Items listed in a dataset -
..........
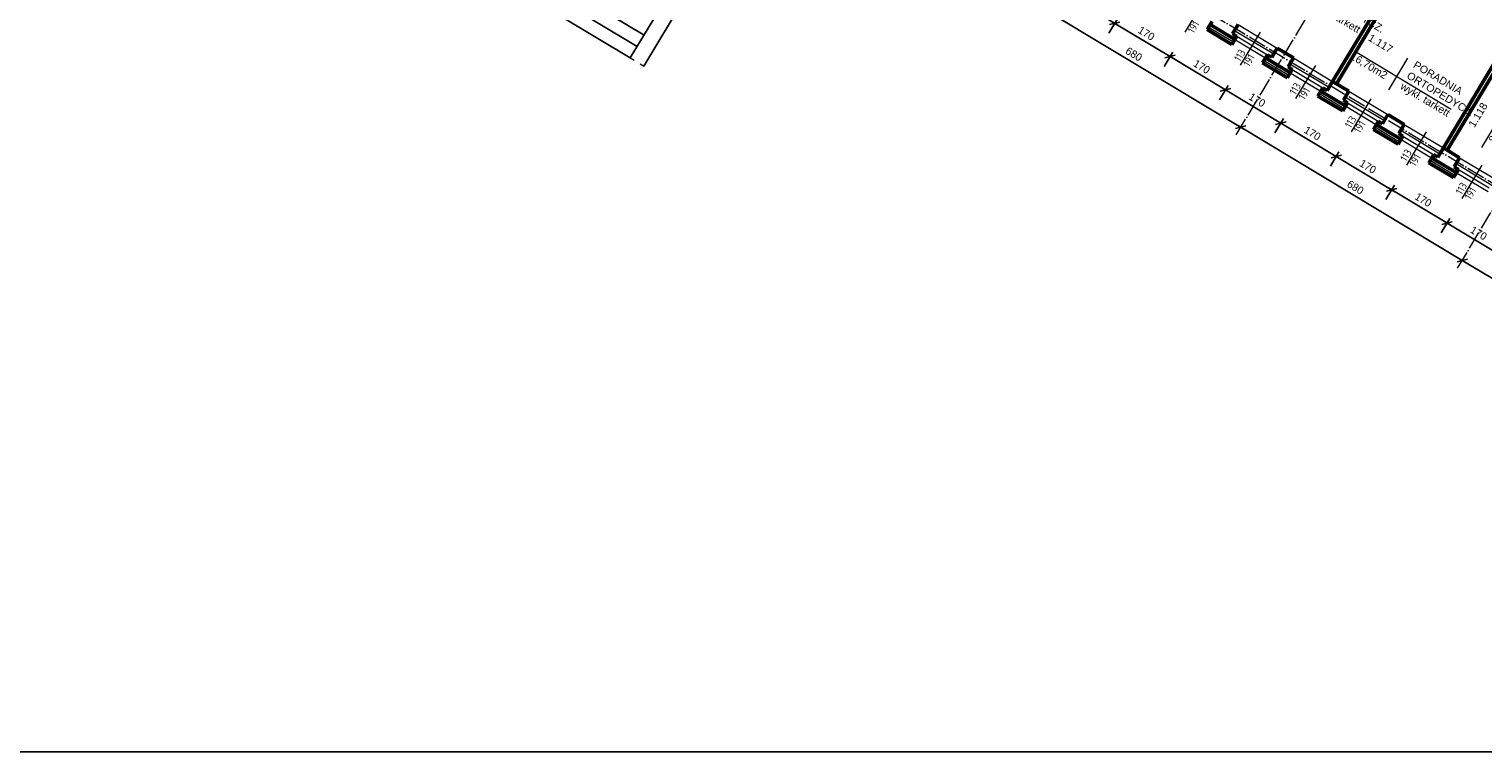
# Model space of a CAD drawing. Header units: millimetres. Extents: x -642 to 14033, y 1994 to 13520.
# Tile 14 of 72: x 4276 to 8101, y 1994 to 3895. Entities that reach past the tile are written whole.
import ezdxf

# ---------------------------------------------------------------- set-up
doc = ezdxf.new("R2010")
doc.units = ezdxf.units.MM
doc.linetypes.add('ACAD_ISO03W100', pattern=[30, 12, -18])
doc.linetypes.add('ACAD_ISO04W100', pattern=[30.5, 24, -3, 0.5, -3])
for name, color, linetype, lineweight in [('ocieplenie', 60, 'BATTING', 9), ('okno', 2, 'Continuous', 13), ('okno widok', 8, 'Continuous', 15), ('opisy drzwi', 40, 'Continuous', 13), ('opisy pom', 3, 'Continuous', 18), ('schody', 21, 'Continuous', 25), ('symetria', 7, 'ACAD_ISO04W100', 9), ('wymiary', 1, 'Continuous', 13), ('ściana', 4, 'Continuous', 50), ('średnia', 7, 'ACAD_ISO03W100', 9)]:
    doc.layers.add(name, color=color, linetype=linetype, lineweight=lineweight)
doc.styles.add('ISO', font='isocp.shx')
doc.styles.add('SYSTEM', font='TXT')
doc.linetypes.add('BATTING', pattern='A,0.0001,-0.1,[134,ltypeshp.shx,S=0.1,R=0,X=-0.1,Y=0],-0.2,[134,ltypeshp.shx,S=0.1,R=180,X=0.1,Y=0],-0.1', length=0.4001)
doc.dimstyles.new('Jacek2', dxfattribs={"dimscale": 2, "dimtxt": 10, "dimasz": 10, "dimexe": 15, "dimexo": 15, "dimgap": 5, "dimtad": 1, "dimdec": 0, "dimzin": 0, "dimdsep": 46, "dimtxsty": 'Standard', "dimblk": 'OBLIQUE', "dimcen": 0, "dimdle": 5, "dimadec": 1, "dimazin": 0, "dimtfac": 1, "dimtdec": 0, "dimtofl": 0, "dimtmove": 0, "dimatfit": 3, "dimfxl": 1, "dimtolj": 1, "dimtzin": 0, "dimarcsym": 0})

# ---------------------------------------------------------------- blocks, each defined once
blk = doc.blocks.new('_OBLIQUE')
at = {"color": 0, "linetype": 'ByBlock'}
blk.add_line((-0.5, -0.5), (0.5, 0.5), dxfattribs=at)
blk = doc.blocks.new('*D360')
at = {"layer": 'Defpoints', "color": 0, "transparency": 16777216}
for p in [(7009, 4035.8), (7154.7, 3948.2), (7132.1, 3910.6)]:
    blk.add_point(p, dxfattribs=at)
at = {"layer": 'wymiary', "color": 0, "lineweight": -2, "transparency": 16777216}
for p, q in [((6993.6, 4010.1), (6971, 3972.4)), ((6977.8, 4003.3), (7140.7, 3905.4)), ((7139.3, 3922.5), (7116.7, 3884.9))]:
    blk.add_line(p, q, dxfattribs=at)
at = {"layer": 'wymiary', "color": 0, "lineweight": -2, "transparency": 16777216, "xscale": 20, "yscale": 20, "zscale": 20}
for p, rotation in [((6986.4, 3998.1), 149.0000000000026), ((7132.1, 3910.6), 329.0000000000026)]:
    blk.add_blockref('_OBLIQUE', p, dxfattribs=dict(at, rotation=rotation))
at = {"layer": 'wymiary', "color": 0, "transparency": 16777216, "insert": (7069.6, 3971.5), "char_height": 20, "attachment_point": 5, "rotation": 329}
blk.add_mtext('\\A1;170', dxfattribs=at)
blk = doc.blocks.new('*D361')
at = {"layer": 'Defpoints', "color": 0, "transparency": 16777216}
for p in [(7154.7, 3948.2), (7300.5, 3860.7), (7277.8, 3823)]:
    blk.add_point(p, dxfattribs=at)
at = {"layer": 'wymiary', "color": 0, "lineweight": -2, "transparency": 16777216}
for p, q in [((7139.3, 3922.5), (7116.7, 3884.9)), ((7123.5, 3915.7), (7286.4, 3817.9)), ((7285, 3834.9), (7262.4, 3797.3))]:
    blk.add_line(p, q, dxfattribs=at)
at = {"layer": 'wymiary', "color": 0, "lineweight": -2, "transparency": 16777216, "xscale": 20, "yscale": 20, "zscale": 20}
for p, rotation in [((7132.1, 3910.6), 148.9999999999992), ((7277.8, 3823), 328.9999999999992)]:
    blk.add_blockref('_OBLIQUE', p, dxfattribs=dict(at, rotation=rotation))
at = {"layer": 'wymiary', "color": 0, "transparency": 16777216, "insert": (7215.3, 3883.9), "char_height": 20, "attachment_point": 5, "rotation": 329}
blk.add_mtext('\\A1;170', dxfattribs=at)
blk = doc.blocks.new('*D362')
at = {"layer": 'Defpoints', "color": 0, "transparency": 16777216}
for p in [(7300.5, 3860.7), (7446.2, 3773.1), (7423.6, 3735.5)]:
    blk.add_point(p, dxfattribs=at)
at = {"layer": 'wymiary', "color": 0, "lineweight": -2, "transparency": 16777216}
for p, q in [((7285, 3834.9), (7262.4, 3797.3)), ((7269.3, 3828.2), (7432.1, 3730.3)), ((7430.7, 3747.4), (7408.1, 3709.7))]:
    blk.add_line(p, q, dxfattribs=at)
at = {"layer": 'wymiary', "color": 0, "lineweight": -2, "transparency": 16777216, "xscale": 20, "yscale": 20, "zscale": 20}
for p, rotation in [((7277.8, 3823), 148.9999999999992), ((7423.6, 3735.5), 328.9999999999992)]:
    blk.add_blockref('_OBLIQUE', p, dxfattribs=dict(at, rotation=rotation))
at = {"layer": 'wymiary', "color": 0, "transparency": 16777216, "insert": (7361, 3796.4), "char_height": 20, "attachment_point": 5, "rotation": 329}
blk.add_mtext('\\A1;170', dxfattribs=at)
blk = doc.blocks.new('*D363')
at = {"layer": 'Defpoints', "color": 0, "transparency": 16777216}
for p in [(7446.2, 3773.1), (7591.9, 3685.5), (7569.3, 3647.9)]:
    blk.add_point(p, dxfattribs=at)
at = {"layer": 'wymiary', "color": 0, "lineweight": -2, "transparency": 16777216}
for p, q in [((7430.7, 3747.4), (7408.1, 3709.7)), ((7415, 3740.6), (7577.8, 3642.7)), ((7576.4, 3659.8), (7553.8, 3622.2))]:
    blk.add_line(p, q, dxfattribs=at)
at = {"layer": 'wymiary', "color": 0, "lineweight": -2, "transparency": 16777216, "xscale": 20, "yscale": 20, "zscale": 20}
for p, rotation in [((7423.6, 3735.5), 148.9999999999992), ((7569.3, 3647.9), 328.9999999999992)]:
    blk.add_blockref('_OBLIQUE', p, dxfattribs=dict(at, rotation=rotation))
at = {"layer": 'wymiary', "color": 0, "transparency": 16777216, "insert": (7506.7, 3708.8), "char_height": 20, "attachment_point": 5, "rotation": 329}
blk.add_mtext('\\A1;170', dxfattribs=at)
blk = doc.blocks.new('*D364')
at = {"layer": 'Defpoints', "color": 0, "transparency": 16777216}
for p in [(7591.9, 3685.5), (7737.6, 3598), (7715, 3560.3)]:
    blk.add_point(p, dxfattribs=at)
at = {"layer": 'wymiary', "color": 0, "lineweight": -2, "transparency": 16777216}
for p, q in [((7576.4, 3659.8), (7553.8, 3622.2)), ((7560.7, 3653), (7723.6, 3555.2)), ((7722.2, 3572.3), (7699.5, 3534.6))]:
    blk.add_line(p, q, dxfattribs=at)
at = {"layer": 'wymiary', "color": 0, "lineweight": -2, "transparency": 16777216, "xscale": 20, "yscale": 20, "zscale": 20}
for p, rotation in [((7569.3, 3647.9), 148.9999999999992), ((7715, 3560.3), 328.9999999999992)]:
    blk.add_blockref('_OBLIQUE', p, dxfattribs=dict(at, rotation=rotation))
at = {"layer": 'wymiary', "color": 0, "transparency": 16777216, "insert": (7652.4, 3621.3), "char_height": 20, "attachment_point": 5, "rotation": 329}
blk.add_mtext('\\A1;170', dxfattribs=at)
blk = doc.blocks.new('*D365')
at = {"layer": 'Defpoints', "color": 0, "transparency": 16777216}
for p in [(7737.6, 3598), (7883.3, 3510.4), (7860.7, 3472.8)]:
    blk.add_point(p, dxfattribs=at)
at = {"layer": 'wymiary', "color": 0, "lineweight": -2, "transparency": 16777216}
for p, q in [((7722.2, 3572.3), (7699.5, 3534.6)), ((7706.4, 3565.5), (7869.3, 3467.6)), ((7867.9, 3484.7), (7845.3, 3447.1))]:
    blk.add_line(p, q, dxfattribs=at)
at = {"layer": 'wymiary', "color": 0, "lineweight": -2, "transparency": 16777216, "xscale": 20, "yscale": 20, "zscale": 20}
for p, rotation in [((7715, 3560.3), 148.9999999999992), ((7860.7, 3472.8), 328.9999999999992)]:
    blk.add_blockref('_OBLIQUE', p, dxfattribs=dict(at, rotation=rotation))
at = {"layer": 'wymiary', "color": 0, "transparency": 16777216, "insert": (7798.2, 3533.7), "char_height": 20, "attachment_point": 5, "rotation": 329}
blk.add_mtext('\\A1;170', dxfattribs=at)
blk = doc.blocks.new('*D366')
at = {"layer": 'Defpoints', "color": 0, "transparency": 16777216}
for p in [(7883.3, 3510.4), (8029.1, 3422.9), (8006.4, 3385.2)]:
    blk.add_point(p, dxfattribs=at)
at = {"layer": 'wymiary', "color": 0, "lineweight": -2, "transparency": 16777216}
for p, q in [((7867.9, 3484.7), (7845.3, 3447.1)), ((7852.1, 3477.9), (8015, 3380.1)), ((8013.6, 3397.2), (7991, 3359.5))]:
    blk.add_line(p, q, dxfattribs=at)
at = {"layer": 'wymiary', "color": 0, "lineweight": -2, "transparency": 16777216, "xscale": 20, "yscale": 20, "zscale": 20}
for p, rotation in [((7860.7, 3472.8), 148.9999999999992), ((8006.4, 3385.2), 328.9999999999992)]:
    blk.add_blockref('_OBLIQUE', p, dxfattribs=dict(at, rotation=rotation))
at = {"layer": 'wymiary', "color": 0, "transparency": 16777216, "insert": (7943.9, 3446.1), "char_height": 20, "attachment_point": 5, "rotation": 329}
blk.add_mtext('\\A1;170', dxfattribs=at)
blk = doc.blocks.new('*D367')
at = {"layer": 'Defpoints', "color": 0, "transparency": 16777216}
for p in [(8029.1, 3422.9), (8174.8, 3335.3), (8152.1, 3297.7)]:
    blk.add_point(p, dxfattribs=at)
at = {"layer": 'wymiary', "color": 0, "lineweight": -2, "transparency": 16777216}
for p, q in [((8013.6, 3397.2), (7991, 3359.5)), ((7997.9, 3390.4), (8160.7, 3292.5)), ((8159.3, 3309.6), (8136.7, 3272))]:
    blk.add_line(p, q, dxfattribs=at)
at = {"layer": 'wymiary', "color": 0, "lineweight": -2, "transparency": 16777216, "xscale": 20, "yscale": 20, "zscale": 20}
for p, rotation in [((8006.4, 3385.2), 148.9999999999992), ((8152.1, 3297.7), 328.9999999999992)]:
    blk.add_blockref('_OBLIQUE', p, dxfattribs=dict(at, rotation=rotation))
at = {"layer": 'wymiary', "color": 0, "transparency": 16777216, "insert": (8089.6, 3358.6), "char_height": 20, "attachment_point": 5, "rotation": 329}
blk.add_mtext('\\A1;170', dxfattribs=at)
blk = doc.blocks.new('*D590')
at = {"layer": 'Defpoints', "color": 0, "transparency": 16777216}
for p in [(8046.5, 3286.9), (8046.5, 3286.9), (8629.4, 2936.7)]:
    blk.add_point(p, dxfattribs=at)
at = {"layer": 'wymiary', "color": 0, "lineweight": -2, "transparency": 16777216}
blk.add_line((8638, 2931.5), (8037.9, 3292), dxfattribs=at)
at = {"layer": 'wymiary', "color": 0, "lineweight": -2, "transparency": 16777216, "xscale": 20, "yscale": 20, "zscale": 20}
for p, rotation in [((8046.5, 3286.9), 148.9999999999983), ((8629.4, 2936.7), 328.9999999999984)]:
    blk.add_blockref('_OBLIQUE', p, dxfattribs=dict(at, rotation=rotation))
at = {"layer": 'wymiary', "color": 0, "transparency": 16777216, "insert": (8348.2, 3128.9), "char_height": 20, "attachment_point": 5, "rotation": 329}
blk.add_mtext('\\A1;680', dxfattribs=at)
blk = doc.blocks.new('*D591')
at = {"layer": 'Defpoints', "color": 0, "transparency": 16777216}
for p in [(7463.6, 3637.1), (7463.6, 3637.1), (8046.5, 3286.9)]:
    blk.add_point(p, dxfattribs=at)
at = {"layer": 'wymiary', "color": 0, "lineweight": -2, "transparency": 16777216}
blk.add_line((8055.1, 3281.7), (7455.1, 3642.3), dxfattribs=at)
at = {"layer": 'wymiary', "color": 0, "lineweight": -2, "transparency": 16777216, "xscale": 20, "yscale": 20, "zscale": 20}
for p, rotation in [((7463.6, 3637.1), 148.9999999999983), ((8046.5, 3286.9), 328.9999999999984)]:
    blk.add_blockref('_OBLIQUE', p, dxfattribs=dict(at, rotation=rotation))
at = {"layer": 'wymiary', "color": 0, "transparency": 16777216, "insert": (7765.4, 3479.1), "char_height": 20, "attachment_point": 5, "rotation": 329}
blk.add_mtext('\\A1;680', dxfattribs=at)
blk = doc.blocks.new('*D592')
at = {"layer": 'Defpoints', "color": 0, "transparency": 16777216}
for p in [(6880.8, 3987.3), (6880.8, 3987.3), (7463.6, 3637.1)]:
    blk.add_point(p, dxfattribs=at)
at = {"layer": 'wymiary', "color": 0, "lineweight": -2, "transparency": 16777216}
blk.add_line((7472.2, 3632), (6872.2, 3992.5), dxfattribs=at)
at = {"layer": 'wymiary', "color": 0, "lineweight": -2, "transparency": 16777216, "xscale": 20, "yscale": 20, "zscale": 20}
for p, rotation in [((6880.8, 3987.3), 148.9999999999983), ((7463.6, 3637.1), 328.9999999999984)]:
    blk.add_blockref('_OBLIQUE', p, dxfattribs=dict(at, rotation=rotation))
at = {"layer": 'wymiary', "color": 0, "transparency": 16777216, "insert": (7182.5, 3829.4), "char_height": 20, "attachment_point": 5, "rotation": 329}
blk.add_mtext('\\A1;680', dxfattribs=at)

msp = doc.modelspace()

# ---------------------------------------------------------------- linework, layer by layer
msp.add_lwpolyline([(-642.1, 13520.2), (14032.9, 13520.2), (14032.9, 1993.9), (-642.1, 1993.9)], close=True)
at = {"layer": 'ocieplenie', "linetype": 'BATTING', "ltscale": 14}
for p, q in [((7379.3, 3900.7), (7444.5, 3861.5)), ((7525.1, 3813.1), (7590.2, 3774)), ((7670.8, 3725.6), (7735.9, 3686.4)), ((7816.5, 3638), (7881.6, 3598.9)), ((7962.2, 3550.4), (8027.4, 3511.3))]:
    msp.add_line(p, q, dxfattribs=at)
at = {"layer": 'ocieplenie', "linetype": 'BATTING', "ltscale": 3}
for p, q in [((7452.2, 3877.3), (7447.1, 3868.7)), ((7535.4, 3827.3), (7530.2, 3818.8)), ((7597.9, 3789.7), (7592.8, 3781.2)), ((7681.1, 3739.8), (7675.9, 3731.2)), ((7743.6, 3702.2), (7738.5, 3693.6)), ((7826.8, 3652.2), (7821.6, 3643.7)), ((7889.4, 3614.6), (7884.2, 3606.1)), ((7972.5, 3564.7), (7967.4, 3556.1)), ((8035.1, 3527.1), (8029.9, 3518.5))]:
    msp.add_line(p, q, dxfattribs=at)
at = {"layer": 'okno'}
for p, q in [((7447.5, 3891.8), (7550.4, 3830)), ((7453.5, 3876.5), (7534.1, 3828.1)), ((7593.2, 3804.2), (7696.1, 3742.4)), ((7599.2, 3789), (7679.8, 3740.6)), ((7738.9, 3716.7), (7841.8, 3654.9)), ((7744.9, 3701.4), (7825.5, 3653)), ((7884.7, 3629.1), (7987.5, 3567.3)), ((7890.6, 3613.9), (7971.2, 3565.4)), ((8030.4, 3541.6), (8133.2, 3479.8)), ((8036.4, 3526.3), (8116.9, 3477.9))]:
    msp.add_line(p, q, dxfattribs=at)
at = {"layer": 'okno widok'}
for p, q in [((7456.8, 3907.2), (7559.6, 3845.4)), ((7445.8, 3869.5), (7531.5, 3818)), ((7602.5, 3819.7), (7705.3, 3757.9)), ((7591.5, 3781.9), (7677.2, 3730.4)), ((7748.2, 3732.1), (7851.1, 3670.3)), ((7737.2, 3694.4), (7822.9, 3642.9)), ((7893.9, 3644.6), (7996.8, 3582.8)), ((7882.9, 3606.8), (7968.6, 3555.3)), ((8028.6, 3519.3), (8114.4, 3467.8)), ((8039.6, 3557), (8142.5, 3495.2))]:
    msp.add_line(p, q, dxfattribs=at)
at = {"layer": 'opisy drzwi'}
for p, q in [((7369.1, 3974.9), (7316.7, 3887.7)), ((7514.8, 3887.4), (7462.4, 3800.1)), ((7660.6, 3799.8), (7608.1, 3712.6)), ((7806.3, 3712.3), (7753.9, 3625)), ((7952, 3624.7), (7899.6, 3537.5)), ((8097.7, 3537.1), (8045.3, 3449.9))]:
    msp.add_line(p, q, dxfattribs=at)
at = {"layer": 'opisy pom'}
for p, q in [((7769.6, 3833.4), (8017.3, 3684.6)), ((8097.7, 3584.3), (8246.6, 3832)), ((7902.7, 3819), (7852.8, 3736))]:
    msp.add_line(p, q, dxfattribs=at)
at = {"layer": 'schody'}
for p, q in [((5171.9, 4231.4), (5857.6, 3819.4)), ((6017.2, 4085.1), (5857.6, 3819.4)), ((6055.3, 4067.7), (5893.2, 3798)), ((5636.5, 4033.9), (5893.7, 3879.4)), ((5618.5, 4003.9), (5875.6, 3849.4))]:
    msp.add_line(p, q, dxfattribs=at)
at = {"layer": 'symetria', "linetype": 'ACAD_ISO04W100', "ltscale": 2}
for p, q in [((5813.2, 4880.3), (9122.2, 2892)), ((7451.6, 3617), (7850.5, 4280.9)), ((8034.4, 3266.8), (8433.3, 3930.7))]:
..........
Your task is to find each line in the entries that contains the string "pattern" and copy it.

doc.linetypes.add('ACAD_ISO03W100', pattern=[30, 12, -18])
doc.linetypes.add('ACAD_ISO04W100', pattern=[30.5, 24, -3, 0.5, -3])
doc.linetypes.add('BATTING', pattern='A,0.0001,-0.1,[134,ltypeshp.shx,S=0.1,R=0,X=-0.1,Y=0],-0.2,[134,ltypeshp.shx,S=0.1,R=180,X=0.1,Y=0],-0.1', length=0.4001)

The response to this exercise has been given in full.